● **To do**: Where the word "Right" appears in a line below, copy the whole line.

═════ Data shown ═════

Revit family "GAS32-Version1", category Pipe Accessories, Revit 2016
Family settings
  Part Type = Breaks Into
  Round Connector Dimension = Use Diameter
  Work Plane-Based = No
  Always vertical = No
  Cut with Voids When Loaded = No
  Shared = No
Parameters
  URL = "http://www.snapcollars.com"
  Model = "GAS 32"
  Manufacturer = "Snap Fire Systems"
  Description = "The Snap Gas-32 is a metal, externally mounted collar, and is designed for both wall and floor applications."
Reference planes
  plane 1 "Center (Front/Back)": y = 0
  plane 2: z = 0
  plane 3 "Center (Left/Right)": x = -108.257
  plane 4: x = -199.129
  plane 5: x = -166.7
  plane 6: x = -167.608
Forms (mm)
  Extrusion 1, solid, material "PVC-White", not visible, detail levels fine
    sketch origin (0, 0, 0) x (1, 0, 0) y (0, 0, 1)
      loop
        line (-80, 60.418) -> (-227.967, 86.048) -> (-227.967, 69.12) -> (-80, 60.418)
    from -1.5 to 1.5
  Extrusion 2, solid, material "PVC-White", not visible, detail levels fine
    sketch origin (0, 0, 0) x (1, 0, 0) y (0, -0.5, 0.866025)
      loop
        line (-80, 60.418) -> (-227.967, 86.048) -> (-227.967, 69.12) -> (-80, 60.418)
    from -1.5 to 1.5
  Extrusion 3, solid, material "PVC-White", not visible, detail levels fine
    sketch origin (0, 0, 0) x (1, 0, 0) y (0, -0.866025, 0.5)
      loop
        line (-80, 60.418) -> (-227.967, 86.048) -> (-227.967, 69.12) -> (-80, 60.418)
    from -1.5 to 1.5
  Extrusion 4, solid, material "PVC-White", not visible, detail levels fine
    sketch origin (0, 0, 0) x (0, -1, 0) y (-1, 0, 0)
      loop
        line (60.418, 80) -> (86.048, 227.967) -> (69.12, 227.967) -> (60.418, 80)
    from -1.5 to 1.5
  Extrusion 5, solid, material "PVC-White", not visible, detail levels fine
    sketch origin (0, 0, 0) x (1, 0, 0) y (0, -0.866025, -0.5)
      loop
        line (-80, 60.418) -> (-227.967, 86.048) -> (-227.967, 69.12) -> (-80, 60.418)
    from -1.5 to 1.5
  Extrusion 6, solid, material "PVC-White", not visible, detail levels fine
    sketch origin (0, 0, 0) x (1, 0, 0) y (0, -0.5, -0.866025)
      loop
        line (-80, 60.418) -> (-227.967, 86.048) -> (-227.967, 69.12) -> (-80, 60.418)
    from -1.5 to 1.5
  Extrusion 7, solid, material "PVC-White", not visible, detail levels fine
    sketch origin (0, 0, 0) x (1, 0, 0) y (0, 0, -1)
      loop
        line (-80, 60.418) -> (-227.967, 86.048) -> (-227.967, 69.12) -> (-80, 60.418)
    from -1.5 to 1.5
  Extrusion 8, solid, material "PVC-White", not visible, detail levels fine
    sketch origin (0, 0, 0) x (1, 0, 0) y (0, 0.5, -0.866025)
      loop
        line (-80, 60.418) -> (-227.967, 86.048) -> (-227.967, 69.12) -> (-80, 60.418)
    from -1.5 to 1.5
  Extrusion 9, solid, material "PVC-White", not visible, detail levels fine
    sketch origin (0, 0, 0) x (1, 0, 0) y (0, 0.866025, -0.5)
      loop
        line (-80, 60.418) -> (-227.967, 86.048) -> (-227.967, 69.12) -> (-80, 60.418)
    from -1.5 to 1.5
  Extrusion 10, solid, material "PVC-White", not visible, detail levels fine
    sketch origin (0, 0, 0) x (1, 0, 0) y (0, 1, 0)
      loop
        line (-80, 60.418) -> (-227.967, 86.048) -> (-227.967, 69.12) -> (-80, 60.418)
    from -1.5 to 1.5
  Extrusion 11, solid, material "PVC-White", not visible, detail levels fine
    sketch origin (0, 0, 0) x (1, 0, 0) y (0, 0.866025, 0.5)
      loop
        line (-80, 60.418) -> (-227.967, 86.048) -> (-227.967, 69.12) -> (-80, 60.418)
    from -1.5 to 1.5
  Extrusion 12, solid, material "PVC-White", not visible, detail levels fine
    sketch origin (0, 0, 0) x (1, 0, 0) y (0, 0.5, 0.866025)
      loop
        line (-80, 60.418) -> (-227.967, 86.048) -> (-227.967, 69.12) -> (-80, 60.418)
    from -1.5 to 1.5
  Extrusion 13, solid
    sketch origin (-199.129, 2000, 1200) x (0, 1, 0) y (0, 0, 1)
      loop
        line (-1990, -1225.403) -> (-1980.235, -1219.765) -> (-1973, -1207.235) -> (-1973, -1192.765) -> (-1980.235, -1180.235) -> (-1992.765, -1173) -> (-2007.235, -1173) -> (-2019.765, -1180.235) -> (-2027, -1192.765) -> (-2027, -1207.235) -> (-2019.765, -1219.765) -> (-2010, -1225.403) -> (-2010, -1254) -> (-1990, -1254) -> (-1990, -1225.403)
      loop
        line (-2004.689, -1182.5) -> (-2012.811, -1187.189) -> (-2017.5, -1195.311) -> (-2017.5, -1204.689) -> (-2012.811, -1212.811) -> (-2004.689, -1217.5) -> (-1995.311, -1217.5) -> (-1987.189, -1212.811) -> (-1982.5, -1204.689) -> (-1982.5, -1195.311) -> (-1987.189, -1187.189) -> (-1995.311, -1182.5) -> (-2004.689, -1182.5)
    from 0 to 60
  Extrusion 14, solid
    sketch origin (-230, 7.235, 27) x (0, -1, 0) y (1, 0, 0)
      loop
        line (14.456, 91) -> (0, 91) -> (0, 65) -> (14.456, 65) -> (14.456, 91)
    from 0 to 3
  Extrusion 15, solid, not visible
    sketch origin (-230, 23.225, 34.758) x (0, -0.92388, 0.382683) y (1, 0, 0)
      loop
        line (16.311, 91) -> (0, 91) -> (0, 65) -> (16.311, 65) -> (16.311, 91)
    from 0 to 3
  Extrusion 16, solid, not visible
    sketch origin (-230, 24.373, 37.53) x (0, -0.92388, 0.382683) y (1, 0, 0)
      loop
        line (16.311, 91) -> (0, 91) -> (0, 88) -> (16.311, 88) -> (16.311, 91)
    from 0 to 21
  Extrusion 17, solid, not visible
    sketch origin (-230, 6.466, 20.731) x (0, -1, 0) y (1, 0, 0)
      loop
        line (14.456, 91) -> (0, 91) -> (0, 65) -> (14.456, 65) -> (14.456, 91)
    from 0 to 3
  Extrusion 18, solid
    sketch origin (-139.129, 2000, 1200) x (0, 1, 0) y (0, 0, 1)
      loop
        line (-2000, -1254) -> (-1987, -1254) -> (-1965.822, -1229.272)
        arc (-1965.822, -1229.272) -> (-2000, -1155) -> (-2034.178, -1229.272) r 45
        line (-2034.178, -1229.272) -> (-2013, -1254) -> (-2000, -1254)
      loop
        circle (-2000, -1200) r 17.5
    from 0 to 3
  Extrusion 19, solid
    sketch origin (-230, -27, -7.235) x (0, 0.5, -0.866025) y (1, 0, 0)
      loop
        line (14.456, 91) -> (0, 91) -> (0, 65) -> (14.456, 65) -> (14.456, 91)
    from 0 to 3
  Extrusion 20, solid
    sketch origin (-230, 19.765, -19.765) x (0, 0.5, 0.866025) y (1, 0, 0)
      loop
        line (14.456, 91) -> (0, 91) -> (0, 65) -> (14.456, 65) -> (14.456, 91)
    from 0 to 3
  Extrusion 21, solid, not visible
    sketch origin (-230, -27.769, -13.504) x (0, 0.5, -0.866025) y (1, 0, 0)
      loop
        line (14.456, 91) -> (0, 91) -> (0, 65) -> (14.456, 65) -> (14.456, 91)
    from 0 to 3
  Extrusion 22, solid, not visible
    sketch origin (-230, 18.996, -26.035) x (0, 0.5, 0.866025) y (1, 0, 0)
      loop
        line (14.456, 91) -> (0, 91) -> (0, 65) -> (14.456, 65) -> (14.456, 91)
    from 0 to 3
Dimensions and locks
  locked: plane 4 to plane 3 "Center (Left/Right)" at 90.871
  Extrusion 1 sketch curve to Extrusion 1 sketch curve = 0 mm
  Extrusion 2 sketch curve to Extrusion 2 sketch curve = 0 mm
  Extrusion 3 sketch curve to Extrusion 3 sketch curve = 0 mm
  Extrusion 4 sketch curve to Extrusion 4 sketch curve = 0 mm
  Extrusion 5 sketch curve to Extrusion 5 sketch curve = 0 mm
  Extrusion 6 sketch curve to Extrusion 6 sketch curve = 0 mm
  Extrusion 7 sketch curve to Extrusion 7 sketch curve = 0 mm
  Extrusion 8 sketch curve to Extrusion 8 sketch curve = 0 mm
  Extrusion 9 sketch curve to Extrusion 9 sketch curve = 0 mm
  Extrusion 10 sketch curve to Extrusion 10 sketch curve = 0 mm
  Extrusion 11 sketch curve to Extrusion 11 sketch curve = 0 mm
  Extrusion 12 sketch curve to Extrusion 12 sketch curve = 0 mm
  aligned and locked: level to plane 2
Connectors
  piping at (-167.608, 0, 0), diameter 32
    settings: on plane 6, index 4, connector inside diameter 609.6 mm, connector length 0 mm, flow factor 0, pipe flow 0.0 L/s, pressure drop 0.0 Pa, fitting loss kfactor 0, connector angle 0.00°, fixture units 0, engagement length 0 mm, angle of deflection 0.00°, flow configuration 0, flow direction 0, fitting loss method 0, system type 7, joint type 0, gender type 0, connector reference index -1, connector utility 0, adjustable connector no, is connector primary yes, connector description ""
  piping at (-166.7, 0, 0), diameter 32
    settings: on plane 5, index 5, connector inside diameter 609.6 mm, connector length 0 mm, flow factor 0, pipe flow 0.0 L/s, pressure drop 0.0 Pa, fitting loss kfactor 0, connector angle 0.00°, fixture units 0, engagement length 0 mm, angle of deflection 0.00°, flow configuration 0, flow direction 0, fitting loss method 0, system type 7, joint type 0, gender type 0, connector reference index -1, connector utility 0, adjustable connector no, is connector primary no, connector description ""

═════

● **Exercise output**:
  plane 3 "Center (Left/Right)": x = -108.257
  locked: plane 4 to plane 3 "Center (Left/Right)" at 90.871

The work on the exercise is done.